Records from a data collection
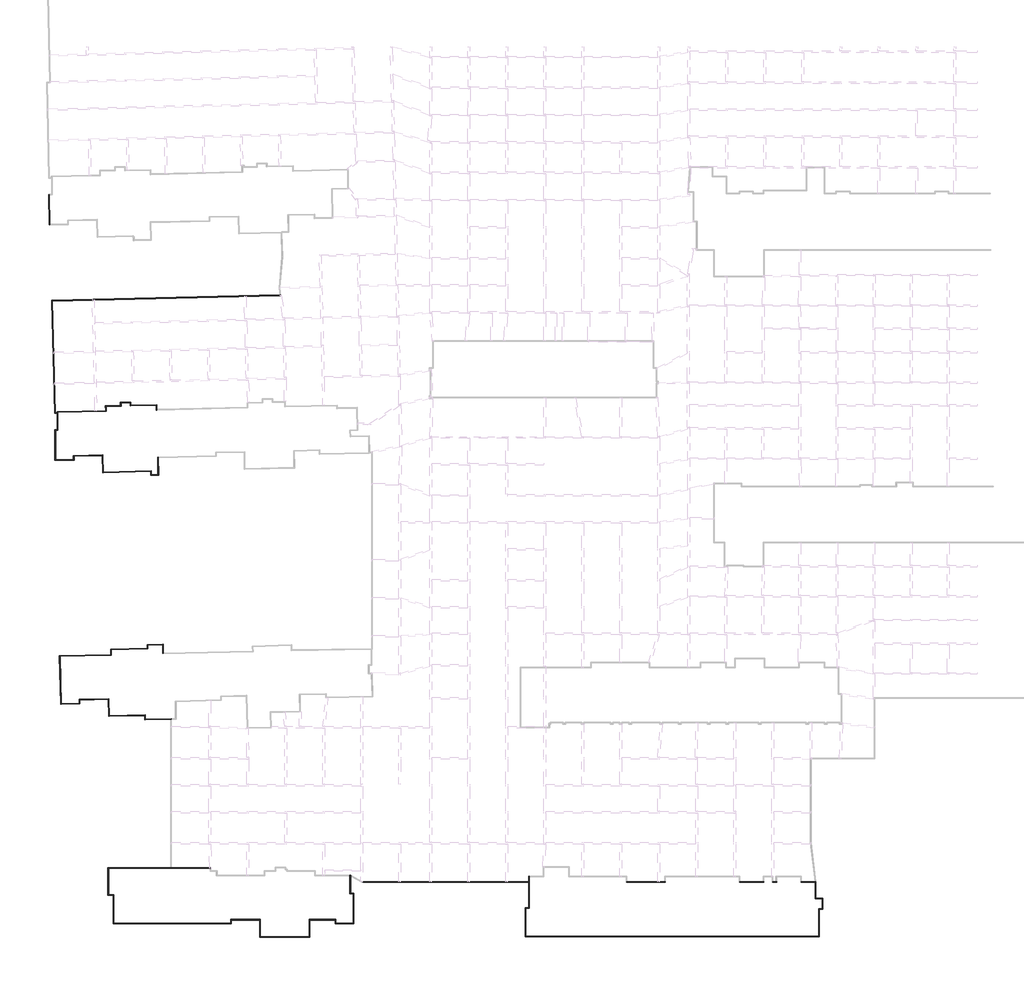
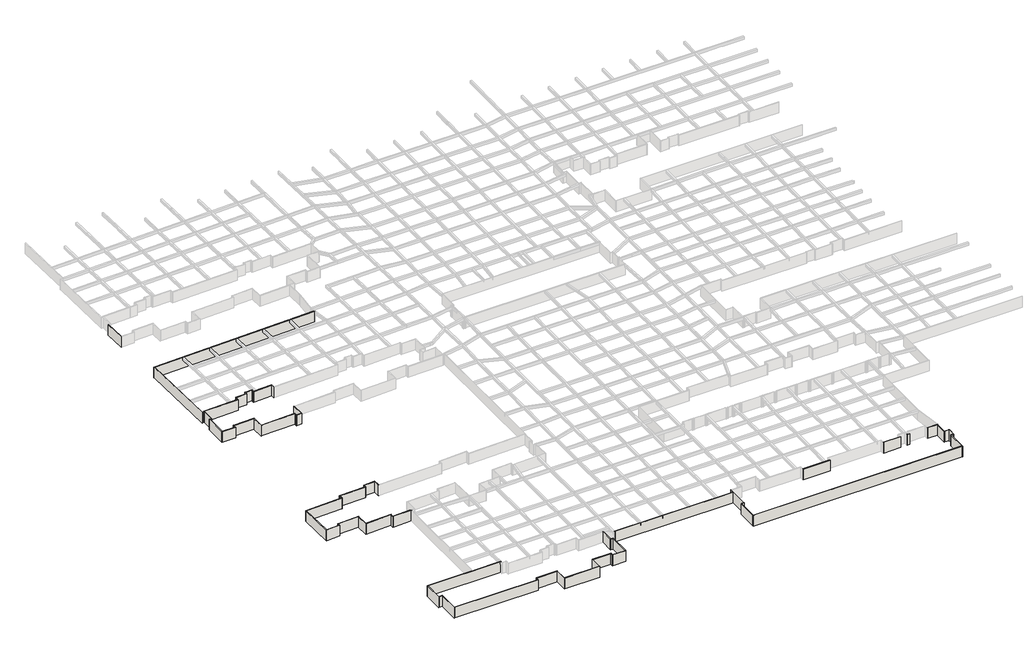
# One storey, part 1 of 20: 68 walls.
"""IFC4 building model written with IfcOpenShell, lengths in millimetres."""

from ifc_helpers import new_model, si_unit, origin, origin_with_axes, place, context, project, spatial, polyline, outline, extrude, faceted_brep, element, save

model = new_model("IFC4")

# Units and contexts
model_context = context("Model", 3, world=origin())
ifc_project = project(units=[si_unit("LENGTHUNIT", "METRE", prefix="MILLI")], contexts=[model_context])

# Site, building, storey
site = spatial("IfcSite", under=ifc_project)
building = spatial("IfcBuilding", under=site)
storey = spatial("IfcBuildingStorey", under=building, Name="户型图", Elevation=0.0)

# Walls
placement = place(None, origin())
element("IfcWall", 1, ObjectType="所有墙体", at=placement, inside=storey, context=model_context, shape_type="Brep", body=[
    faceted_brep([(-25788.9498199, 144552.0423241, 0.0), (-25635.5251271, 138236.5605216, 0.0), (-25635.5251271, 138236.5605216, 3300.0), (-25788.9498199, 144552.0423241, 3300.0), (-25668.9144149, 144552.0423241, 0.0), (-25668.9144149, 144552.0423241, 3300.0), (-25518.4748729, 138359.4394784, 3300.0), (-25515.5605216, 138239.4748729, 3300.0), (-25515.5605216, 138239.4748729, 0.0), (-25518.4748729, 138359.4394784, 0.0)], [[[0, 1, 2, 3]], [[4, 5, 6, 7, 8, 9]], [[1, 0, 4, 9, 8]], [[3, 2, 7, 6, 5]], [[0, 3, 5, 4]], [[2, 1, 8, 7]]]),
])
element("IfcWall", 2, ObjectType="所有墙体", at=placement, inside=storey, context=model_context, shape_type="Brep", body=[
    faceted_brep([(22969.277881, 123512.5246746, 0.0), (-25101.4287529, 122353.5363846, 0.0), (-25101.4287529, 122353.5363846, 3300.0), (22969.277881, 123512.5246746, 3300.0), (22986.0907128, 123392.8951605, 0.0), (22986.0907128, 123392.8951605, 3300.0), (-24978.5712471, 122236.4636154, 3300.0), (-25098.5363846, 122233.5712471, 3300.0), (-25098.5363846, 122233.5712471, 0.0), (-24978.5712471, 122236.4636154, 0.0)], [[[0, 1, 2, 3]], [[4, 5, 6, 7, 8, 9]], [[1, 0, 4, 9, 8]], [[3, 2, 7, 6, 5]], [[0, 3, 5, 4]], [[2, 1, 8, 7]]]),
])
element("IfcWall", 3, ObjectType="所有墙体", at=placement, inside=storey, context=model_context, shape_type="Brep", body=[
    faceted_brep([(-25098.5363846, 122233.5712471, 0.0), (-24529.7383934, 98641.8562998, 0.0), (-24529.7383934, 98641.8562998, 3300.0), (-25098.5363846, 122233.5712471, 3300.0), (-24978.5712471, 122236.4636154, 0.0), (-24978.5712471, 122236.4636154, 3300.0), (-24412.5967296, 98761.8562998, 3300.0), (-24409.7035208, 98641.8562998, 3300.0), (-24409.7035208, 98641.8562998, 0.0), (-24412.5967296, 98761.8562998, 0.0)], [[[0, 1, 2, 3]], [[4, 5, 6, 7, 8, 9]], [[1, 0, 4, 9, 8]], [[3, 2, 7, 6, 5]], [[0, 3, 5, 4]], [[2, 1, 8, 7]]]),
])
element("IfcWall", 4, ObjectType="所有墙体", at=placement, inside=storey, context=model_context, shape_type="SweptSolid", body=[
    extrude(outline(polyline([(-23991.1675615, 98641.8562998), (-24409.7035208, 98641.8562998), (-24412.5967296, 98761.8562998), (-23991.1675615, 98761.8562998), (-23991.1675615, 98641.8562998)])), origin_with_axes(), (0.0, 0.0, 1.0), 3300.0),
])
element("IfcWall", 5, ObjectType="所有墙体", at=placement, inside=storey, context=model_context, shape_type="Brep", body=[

__DIRECTIONS__:
Going through the entries above, count the lines with the word "building". Give only the result.

__YOUR RESPONSE__:
4